» **TASK OBJECTIVE**: May I have the lines from the one containing "STEP (ISO 10303-21)" to the end of the entries, returned exactly and with nothing else?

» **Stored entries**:
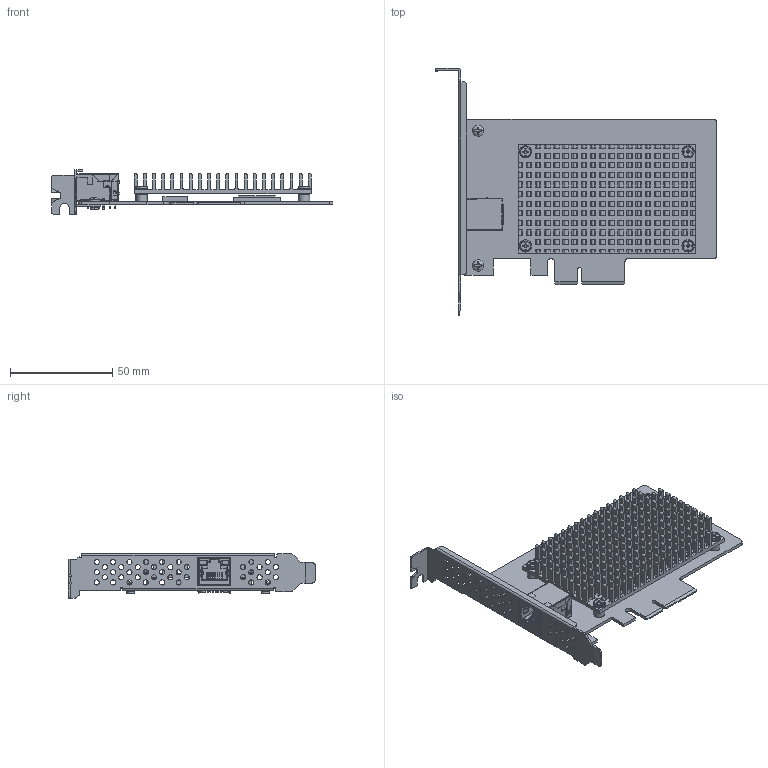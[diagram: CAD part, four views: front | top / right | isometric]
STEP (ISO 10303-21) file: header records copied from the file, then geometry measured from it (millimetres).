
FILE_DESCRIPTION((''),'2;1');
FILE_NAME('HR-PCB-0476-00_1','2025-04-22T17:31:23',('19499'),(''),'CREO PARAMETRIC BY PTC INC, 2020184','CREO PARAMETRIC BY PTC INC, 2020184','');
FILE_SCHEMA(('CONFIG_CONTROL_DESIGN','SHAPE_APPEARANCE_LAYERS_GROUPS'));
Products named in the file (1): HR-PCB-0476-00_1
Bounding box: 137.59 x 120.78 x 21.59 mm (x, y, z)
Volume: 37153.9 mm3; surface area: 54780.7 mm2
Topology: 2 solids, 20 shells, 3792 faces, 10624 edges, 7062 vertices
Faces by surface type: plane 2281, cylinder 1277, bspline 108, torus 62, sphere 38, cone 26
Entity records: 158087 total; most frequent: CARTESIAN_POINT 25309, ORIENTED_EDGE 21184, DIRECTION 20939, PRESENTATION_STYLE_ASSIGNMENT 10641, STYLED_ITEM 10594, CURVE_STYLE 10592, EDGE_CURVE 10592, VECTOR 7213

» **EXERCISE RESULT**:
STEP (ISO 10303-21) file: header records copied from the file, then geometry measured from it (millimetres).
FILE_DESCRIPTION((''),'2;1');
FILE_NAME('HR-PCB-0476-00_1','2025-04-22T17:31:23',('19499'),(''),'CREO PARAMETRIC BY PTC INC, 2020184','CREO PARAMETRIC BY PTC INC, 2020184','');
FILE_SCHEMA(('CONFIG_CONTROL_DESIGN','SHAPE_APPEARANCE_LAYERS_GROUPS'));
Products named in the file (1): HR-PCB-0476-00_1
Bounding box: 137.59 x 120.78 x 21.59 mm (x, y, z)
Volume: 37153.9 mm3; surface area: 54780.7 mm2
Topology: 2 solids, 20 shells, 3792 faces, 10624 edges, 7062 vertices
Faces by surface type: plane 2281, cylinder 1277, bspline 108, torus 62, sphere 38, cone 26
Entity records: 158087 total; most frequent: CARTESIAN_POINT 25309, ORIENTED_EDGE 21184, DIRECTION 20939, PRESENTATION_STYLE_ASSIGNMENT 10641, STYLED_ITEM 10594, CURVE_STYLE 10592, EDGE_CURVE 10592, VECTOR 7213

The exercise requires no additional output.